+++ Records for the task +++

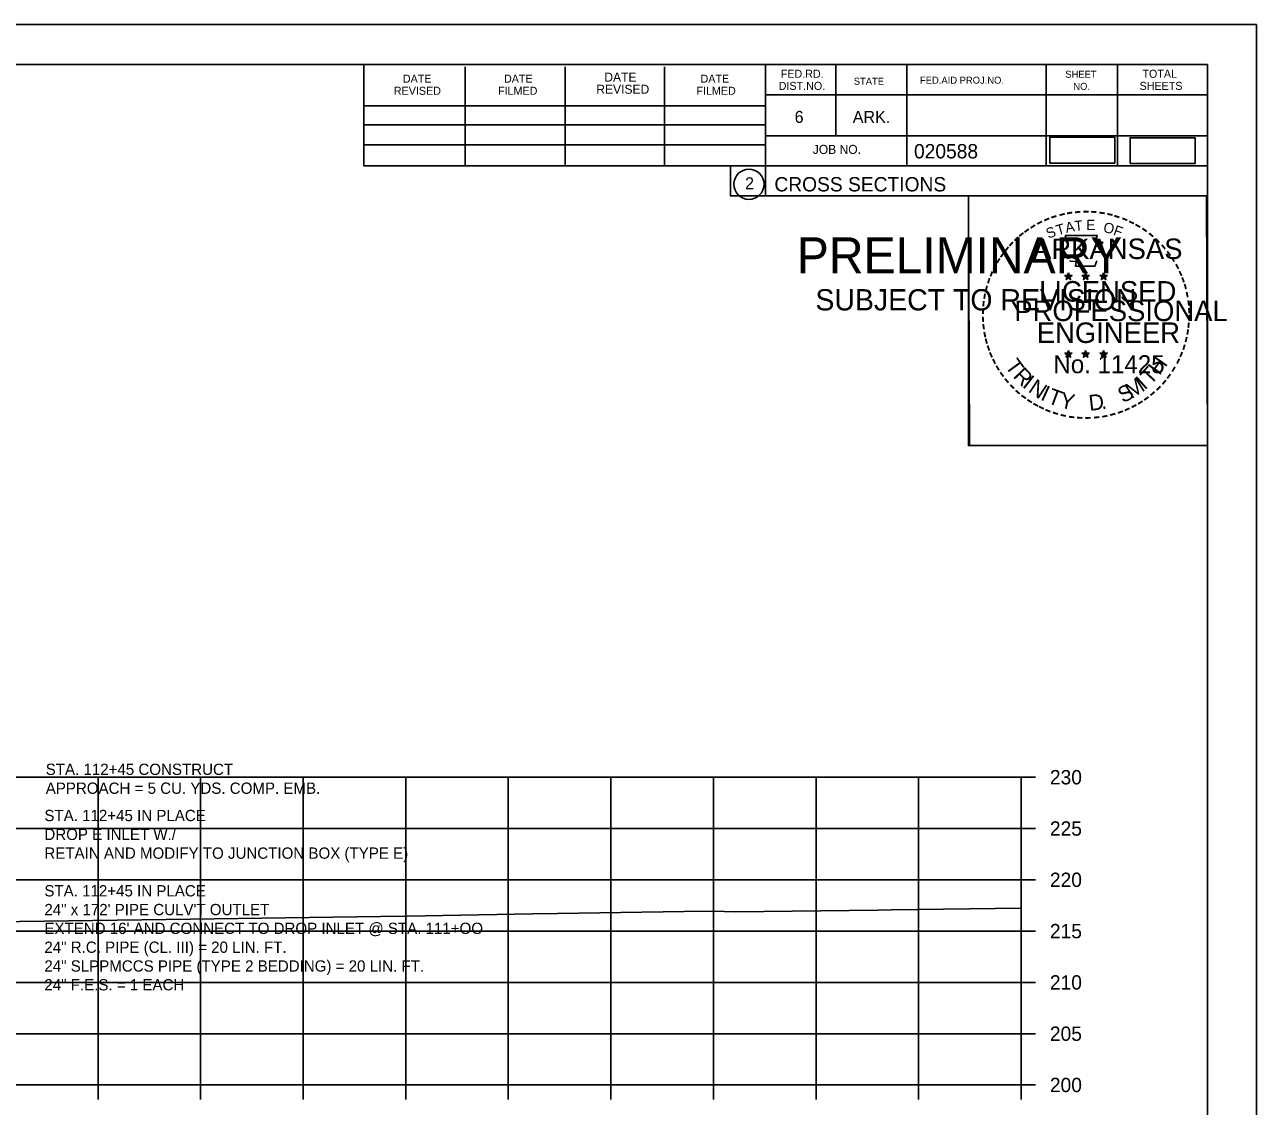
# Model space of a CAD drawing. Extents: x 1368968 to 1369915, y 377395 to 380381.
# Drawn here: x 1369794.6 to 1369914.7, y 377715.9 to 377821.4 of the extents above; entities that cross this region are included whole.
import ezdxf

# ---------------------------------------------------------------- set-up
doc = ezdxf.new("R2010")
doc.units = 0
for name, color, linetype in [('Default', 7, 'Continuous'), ('S_BREAKLINE_ANNOT', 7, 'Continuous'), ('S_BRIDGE', 7, 'Continuous'), ('S_BRIDGE_ANNOT', 7, 'Continuous'), ('S_BUILDING_ANNOT', 7, 'Continuous'), ('S_CAL_CORNER', 7, 'Continuous'), ('S_CONTOUR_MINOR', 7, 'Continuous'), ('S_CTL_TABLE', 7, 'Continuous'), ('S_DITCHLINE_ANNOT', 7, 'Continuous'), ('S_DROP_INLET', 7, 'Continuous')]:
    doc.layers.add(name, color=color, linetype=linetype)

msp = doc.modelspace()

# ---------------------------------------------------------------- linework, layer by layer
at = {"layer": 'Default'}
for points in [[(1369894.57, 377807.87), (1369900.91, 377807.87), (1369900.91, 377810.39), (1369894.57, 377810.39)], [(1369902.4, 377807.83), (1369908.74, 377807.83), (1369908.74, 377810.35), (1369902.4, 377810.35)]]:
    msp.add_lwpolyline(points, close=True, dxfattribs=at)
at = {"layer": 'S_BREAKLINE_ANNOT'}
for p, q in [((1369891.78, 377718.01), (1369891.78, 377748.01)), ((1369893.18, 377748.01), (1369891.78, 377748.01)), ((1369893.18, 377743.01), (1369891.78, 377743.01)), ((1369893.18, 377738.01), (1369891.78, 377738.01)), ((1369893.18, 377733.01), (1369891.78, 377733.01)), ((1369893.18, 377728.01), (1369891.78, 377728.01)), ((1369893.18, 377723.01), (1369891.78, 377723.01)), ((1369611.78, 377718.01), (1369891.78, 377718.01)), ((1369801.78, 377716.61), (1369801.78, 377718.01)), ((1369811.78, 377716.61), (1369811.78, 377718.01)), ((1369821.78, 377716.61), (1369821.78, 377718.01)), ((1369831.78, 377716.61), (1369831.78, 377718.01)), ((1369841.78, 377716.61), (1369841.78, 377718.01)), ((1369851.78, 377716.61), (1369851.78, 377718.01)), ((1369861.78, 377716.61), (1369861.78, 377718.01)), ((1369871.78, 377716.61), (1369871.78, 377718.01)), ((1369881.78, 377716.61), (1369881.78, 377718.01)), ((1369891.78, 377716.61), (1369891.78, 377718.01)), ((1369893.18, 377718.01), (1369891.78, 377718.01))]:
    msp.add_line(p, q, dxfattribs=at)
at = {"layer": 'S_BRIDGE_ANNOT'}
for p, q in [((1369593.78, 377817.47), (1369909.96, 377817.47)), ((1369827.7, 377807.59), (1369827.7, 377817.47)), ((1369837.56, 377807.59), (1369837.56, 377817.27)), ((1369847.32, 377807.59), (1369847.32, 377817.27)), ((1369857, 377807.59), (1369857, 377817.27)), ((1369866.86, 377817.47), (1369866.86, 377804.67)), ((1369873.7, 377817.47), (1369873.7, 377810.53)), ((1369880.64, 377817.47), (1369880.64, 377807.59)), ((1369894.22, 377817.47), (1369894.22, 377807.59)), ((1369901.16, 377817.47), (1369901.16, 377807.59)), ((1369909.96, 377612.01), (1369909.96, 377817.47)), ((1369909.96, 377814.53), (1369866.86, 377814.53)), ((1369909.96, 377814.55), (1369909.96, 377814.55)), ((1369827.7, 377813.45), (1369866.86, 377813.45)), ((1369827.7, 377811.59), (1369866.86, 377811.59)), ((1369909.96, 377810.53), (1369866.86, 377810.53)), ((1369869.82, 377810.53), (1369909.96, 377810.53)), ((1369827.7, 377807.59), (1369827.7, 377809.65)), ((1369827.7, 377809.65), (1369866.86, 377809.65)), ((1369909.96, 377807.59), (1369827.7, 377807.59)), ((1369866.86, 377804.67), (1369909.96, 377804.67))]:
    msp.add_line(p, q, dxfattribs=at)
msp.add_circle((1369865.24, 377805.81), 1.47, dxfattribs=at)
at = {"layer": 'S_BUILDING_ANNOT'}
for p, q in [((1369896.04, 377796.93), (1369896.39, 377796.82)), ((1369896.04, 377796.93), (1369896.29, 377796.89)), ((1369896.04, 377796.93), (1369896.28, 377796.81)), ((1369896.17, 377796.52), (1369896.39, 377796.82)), ((1369896.17, 377796.52), (1369896.3, 377796.77)), ((1369896.17, 377796.52), (1369896.39, 377796.74)), ((1369896.39, 377797.18), (1369896.35, 377796.93)), ((1369896.39, 377796.82), (1369896.39, 377797.18)), ((1369896.39, 377797.18), (1369896.44, 377796.93)), ((1369896.74, 377796.93), (1369896.39, 377796.82)), ((1369896.6, 377796.52), (1369896.39, 377796.82)), ((1369896.74, 377796.93), (1369896.45, 377796.88)), ((1369896.6, 377796.52), (1369896.47, 377796.81)), ((1369896.74, 377796.93), (1369896.53, 377796.83)), ((1369897.71, 377796.93), (1369898.06, 377796.82)), ((1369897.71, 377796.93), (1369897.96, 377796.89)), ((1369897.71, 377796.93), (1369897.95, 377796.81)), ((1369897.84, 377796.52), (1369898.06, 377796.82)), ((1369897.84, 377796.52), (1369897.97, 377796.77)), ((1369897.84, 377796.52), (1369898.06, 377796.74)), ((1369898.06, 377797.18), (1369898.02, 377796.93)), ((1369898.06, 377796.82), (1369898.06, 377797.18)), ((1369898.06, 377797.18), (1369898.11, 377796.93)), ((1369898.41, 377796.93), (1369898.06, 377796.82)), ((1369898.27, 377796.52), (1369898.06, 377796.82)), ((1369898.41, 377796.93), (1369898.12, 377796.88)), ((1369898.27, 377796.52), (1369898.14, 377796.81)), ((1369898.41, 377796.93), (1369898.2, 377796.83)), ((1369899.48, 377796.92), (1369899.82, 377796.81)), ((1369899.48, 377796.92), (1369899.73, 377796.87)), ((1369899.48, 377796.92), (1369899.71, 377796.8)), ((1369899.61, 377796.51), (1369899.82, 377796.81)), ((1369899.61, 377796.51), (1369899.73, 377796.75)), ((1369899.82, 377797.17), (1369899.78, 377796.92)), ((1369899.82, 377796.81), (1369899.82, 377797.17)), ((1369899.82, 377797.17), (1369899.87, 377796.92)), ((1369900.17, 377796.92), (1369899.82, 377796.81)), ((1369900.04, 377796.51), (1369899.82, 377796.81)), ((1369900.17, 377796.92), (1369899.89, 377796.87)), ((1369900.04, 377796.51), (1369899.9, 377796.8)), ((1369900.17, 377796.92), (1369899.97, 377796.82)), ((1369896.6, 377796.52), (1369896.39, 377796.74)), ((1369898.27, 377796.52), (1369898.06, 377796.74)), ((1369899.61, 377796.51), (1369899.82, 377796.73)), ((1369900.04, 377796.51), (1369899.82, 377796.72)), ((1369896.39, 377789.61), (1369896.35, 377789.36)), ((1369896.39, 377789.25), (1369896.39, 377789.61)), ((1369896.39, 377789.61), (1369896.44, 377789.36)), ((1369898.06, 377789.61), (1369898.01, 377789.36)), ((1369898.06, 377789.25), (1369898.06, 377789.61)), ((1369898.06, 377789.61), (1369898.1, 377789.36)), ((1369899.82, 377789.6), (1369899.78, 377789.35)), ((1369899.82, 377789.24), (1369899.82, 377789.6)), ((1369899.82, 377789.6), (1369899.87, 377789.35)), ((1369896.04, 377789.36), (1369896.39, 377789.25)), ((1369896.04, 377789.36), (1369896.29, 377789.31)), ((1369896.04, 377789.36), (1369896.27, 377789.24)), ((1369896.17, 377788.95), (1369896.39, 377789.25)), ((1369896.17, 377788.95), (1369896.3, 377789.19)), ((1369896.17, 377788.95), (1369896.38, 377789.17)), ((1369896.6, 377788.95), (1369896.38, 377789.16)), ((1369896.73, 377789.36), (1369896.39, 377789.25)), ((1369896.6, 377788.95), (1369896.39, 377789.25)), ((1369896.73, 377789.36), (1369896.45, 377789.31)), ((1369896.6, 377788.95), (1369896.46, 377789.24)), ((1369896.73, 377789.36), (1369896.53, 377789.26)), ((1369897.71, 377789.36), (1369898.06, 377789.25)), ((1369897.71, 377789.36), (1369897.96, 377789.31)), ((1369897.71, 377789.36), (1369897.94, 377789.24)), ((1369897.84, 377788.95), (1369898.06, 377789.25)), ((1369897.84, 377788.95), (1369897.97, 377789.19)), ((1369897.84, 377788.95), (1369898.05, 377789.17)), ((1369898.27, 377788.95), (1369898.05, 377789.16)), ((1369898.4, 377789.36), (1369898.06, 377789.25)), ((1369898.27, 377788.95), (1369898.06, 377789.25)), ((1369898.4, 377789.36), (1369898.12, 377789.31)), ((1369898.27, 377788.95), (1369898.13, 377789.24)), ((1369898.4, 377789.36), (1369898.2, 377789.26)), ((1369899.47, 377789.35), (1369899.82, 377789.24)), ((1369899.47, 377789.35), (1369899.73, 377789.3)), ((1369899.47, 377789.35), (1369899.71, 377789.23)), ((1369899.61, 377788.94), (1369899.82, 377789.24)), ((1369899.61, 377788.94), (1369899.73, 377789.18)), ((1369899.61, 377788.94), (1369899.82, 377789.16)), ((1369900.17, 377789.35), (1369899.82, 377789.24)), ((1369900.04, 377788.94), (1369899.82, 377789.24)), ((1369900.04, 377788.94), (1369899.82, 377789.15)), ((1369900.17, 377789.35), (1369899.88, 377789.3)), ((1369900.04, 377788.94), (1369899.9, 377789.23)), ((1369900.17, 377789.35), (1369899.97, 377789.25))]:
    msp.add_line(p, q, dxfattribs=at)
for points in [[(1369896.08, 377800.81), (1369896.35, 377799.98)], [(1369899.59, 377799.89), (1369899.74, 377800.17), (1369899.05, 377800.15), (1369899.2, 377800.81), (1369896.08, 377800.81)], [(1369896.57, 377798.39), (1369896.57, 377798.3), (1369897.14, 377798.28), (1369897.08, 377797.81), (1369898.95, 377797.81), (1369899.15, 377798.34)], [(1369896.39, 377797.18), (1369896.6, 377796.52), (1369896.04, 377796.93), (1369896.74, 377796.93), (1369896.17, 377796.52), (1369896.39, 377797.18)], [(1369898.06, 377797.18), (1369898.27, 377796.52), (1369897.71, 377796.93), (1369898.41, 377796.93), (1369897.84, 377796.52), (1369898.06, 377797.18)], [(1369899.82, 377797.17), (1369900.04, 377796.51), (1369899.48, 377796.92), (1369900.17, 377796.92), (1369899.61, 377796.51), (1369899.82, 377797.17)], [(1369896.39, 377789.61), (1369896.6, 377788.95), (1369896.04, 377789.36), (1369896.73, 377789.36), (1369896.17, 377788.95), (1369896.39, 377789.61)], [(1369898.06, 377789.61), (1369898.27, 377788.95), (1369897.71, 377789.36), (1369898.4, 377789.36), (1369897.84, 377788.95), (1369898.06, 377789.61)], [(1369899.82, 377789.6), (1369900.04, 377788.94), (1369899.47, 377789.35), (1369900.17, 377789.35), (1369899.61, 377788.94), (1369899.82, 377789.6)]]:
    msp.add_lwpolyline(points, dxfattribs=at)
for centre, radius in [((1369896.39, 377796.82), 0.172), ((1369896.39, 377796.82), 0.145), ((1369896.39, 377796.82), 0.116), ((1369896.39, 377796.82), 0.0991), ((1369896.39, 377796.82), 0.0747), ((1369896.39, 377796.82), 0.0495), ((1369896.39, 377796.82), 0.0296), ((1369898.06, 377796.82), 0.172), ((1369898.06, 377796.82), 0.145), ((1369898.06, 377796.82), 0.116), ((1369898.06, 377796.82), 0.0991), ((1369898.06, 377796.82), 0.0747), ((1369898.06, 377796.82), 0.0495), ((1369898.06, 377796.82), 0.0296), ((1369899.82, 377796.81), 0.172), ((1369899.82, 377796.81), 0.145), ((1369899.82, 377796.81), 0.116), ((1369899.82, 377796.81), 0.0991), ((1369899.82, 377796.81), 0.0747), ((1369899.82, 377796.81), 0.0495), ((1369899.82, 377796.81), 0.0296), ((1369896.39, 377789.25), 0.172), ((1369896.39, 377789.25), 0.145), ((1369896.39, 377789.25), 0.116), ((1369896.39, 377789.25), 0.0991), ((1369896.39, 377789.25), 0.0747), ((1369896.39, 377789.25), 0.0495), ((1369896.39, 377789.25), 0.0296), ((1369898.05, 377789.25), 0.172), ((1369898.05, 377789.25), 0.145), ((1369898.05, 377789.25), 0.116), ((1369898.05, 377789.25), 0.0991), ((1369898.05, 377789.25), 0.0747), ((1369898.05, 377789.25), 0.0495), ((1369898.05, 377789.25), 0.0296), ((1369899.82, 377789.24), 0.172), ((1369899.82, 377789.24), 0.145), ((1369899.82, 377789.24), 0.116), ((1369899.82, 377789.24), 0.0991), ((1369899.82, 377789.24), 0.0747), ((1369899.82, 377789.24), 0.0495), ((1369899.82, 377789.24), 0.0296)]:
    msp.add_circle(centre, radius, dxfattribs=at)
at = {"layer": 'S_CTL_TABLE'}
msp.add_lwpolyline([(1369791.73, 377733.91), (1369808.43, 377734.15), (1369810.8, 377734.16), (1369829.33, 377734.44), (1369831.91, 377734.48), (1369844.15, 377734.68), (1369846.58, 377734.72), (1369858.94, 377734.92), (1369861.83, 377734.94), (1369863.88, 377734.89), (1369877.82, 377735.06), (1369879.14, 377735.07), (1369891.78, 377735.23)], dxfattribs=at)
at = {"layer": 'S_DITCHLINE_ANNOT'}
for p, q in [((1369611.78, 377748.01), (1369891.78, 377748.01)), ((1369801.78, 377718.01), (1369801.78, 377748.01)), ((1369811.78, 377718.01), (1369811.78, 377748.01)), ((1369821.78, 377718.01), (1369821.78, 377748.01)), ((1369831.78, 377718.01), (1369831.78, 377748.01)), ((1369841.78, 377718.01), (1369841.78, 377748.01)), ((1369851.78, 377718.01), (1369851.78, 377748.01)), ((1369861.78, 377718.01), (1369861.78, 377748.01)), ((1369871.78, 377718.01), (1369871.78, 377748.01)), ((1369881.78, 377718.01), (1369881.78, 377748.01)), ((1369891.78, 377718.01), (1369891.78, 377748.01)), ((1369611.78, 377743.01), (1369891.78, 377743.01)), ((1369611.78, 377738.01), (1369891.78, 377738.01)), ((1369611.78, 377733.01), (1369891.78, 377733.01)), ((1369611.78, 377728.01), (1369891.78, 377728.01)), ((1369611.78, 377723.01), (1369891.78, 377723.01)), ((1369611.78, 377718.01), (1369891.78, 377718.01))]:
    msp.add_line(p, q, dxfattribs=at)
at = {"layer": 'S_DROP_INLET'}
for p, q in [((1369581.38, 377821.37), (1369914.71, 377821.37)), ((1369885.99, 377782.22), (1369885.99, 377782.22))]:
    msp.add_line(p, q, dxfattribs=at)
for points in [[(1369581.37, 377821.37), (1369914.71, 377821.37), (1369914.71, 377608.03), (1369581.37, 377608.03)], [(1369827.7, 377817.47), (1369827.7, 377807.59), (1369863.43, 377807.59), (1369863.43, 377804.67), (1369886.63, 377804.67), (1369886.63, 377780.34), (1369909.96, 377780.34), (1369909.96, 377612.01), (1369593.78, 377612.01), (1369593.78, 377817.47)], [(1369886.63, 377804.67), (1369909.84, 377804.67), (1369909.96, 377780.34), (1369886.75, 377780.34)]]:
    msp.add_lwpolyline(points, close=True, dxfattribs=at)

# ---------------------------------------------------------------- texts
at = {"layer": 'S_BRIDGE'}
for s, p in [('230', (1369894.58, 377747.31)), ('225', (1369894.58, 377742.31)), ('220', (1369894.58, 377737.31)), ('215', (1369894.58, 377732.31)), ('210', (1369894.58, 377727.31)), ('205', (1369894.58, 377722.31)), ('200', (1369894.58, 377717.31))]:
    msp.add_text(s, height=1.4, dxfattribs=at).set_placement(p)
at = {"layer": 'S_BRIDGE_ANNOT'}
for s, height, p in [('DATE', 0.782, (1369831.5, 377815.71)), ('DATE', 0.782, (1369841.36, 377815.71)), ('DATE', 0.879, (1369851.14, 377815.81)), ('DATE', 0.782, (1369860.52, 377815.71)), ('FED.RD.', 0.782, (1369868.34, 377816.19)), ('STATE', 0.684, (1369875.46, 377815.51)), ('FED.AID PROJ.NO.', 0.684, (1369881.92, 377815.61)), ('SHEET', 0.684, (1369896.08, 377816.19)), ('TOTAL', 0.782, (1369903.6, 377816.19)), ('REVISED', 0.782, (1369830.62, 377814.53)), ('FILMED', 0.782, (1369840.78, 377814.53)), ('REVISED', 0.879, (1369850.36, 377814.63)), ('FILMED', 0.782, (1369860.12, 377814.53)), ('DIST.NO.', 0.782, (1369868.14, 377815.01)), ('NO.', 0.684, (1369896.86, 377815.01)), ('SHEETS', 0.782, (1369903.32, 377815.01)), ('6', 1.17, (1369869.7, 377811.79)), ('ARK.', 1.172, (1369875.36, 377811.79)), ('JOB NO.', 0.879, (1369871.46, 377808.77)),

+++

Search the data above for the word "linetype" and show every line that has it.

» The answer:
for name, color, linetype in [('Default', 7, 'Continuous'), ('S_BREAKLINE_ANNOT', 7, 'Continuous'), ('S_BRIDGE', 7, 'Continuous'), ('S_BRIDGE_ANNOT', 7, 'Continuous'), ('S_BUILDING_ANNOT', 7, 'Continuous'), ('S_CAL_CORNER', 7, 'Continuous'), ('S_CONTOUR_MINOR', 7, 'Continuous'), ('S_CTL_TABLE', 7, 'Continuous'), ('S_DITCHLINE_ANNOT', 7, 'Continuous'), ('S_DROP_INLET', 7, 'Continuous')]:
    doc.layers.add(name, color=color, linetype=linetype)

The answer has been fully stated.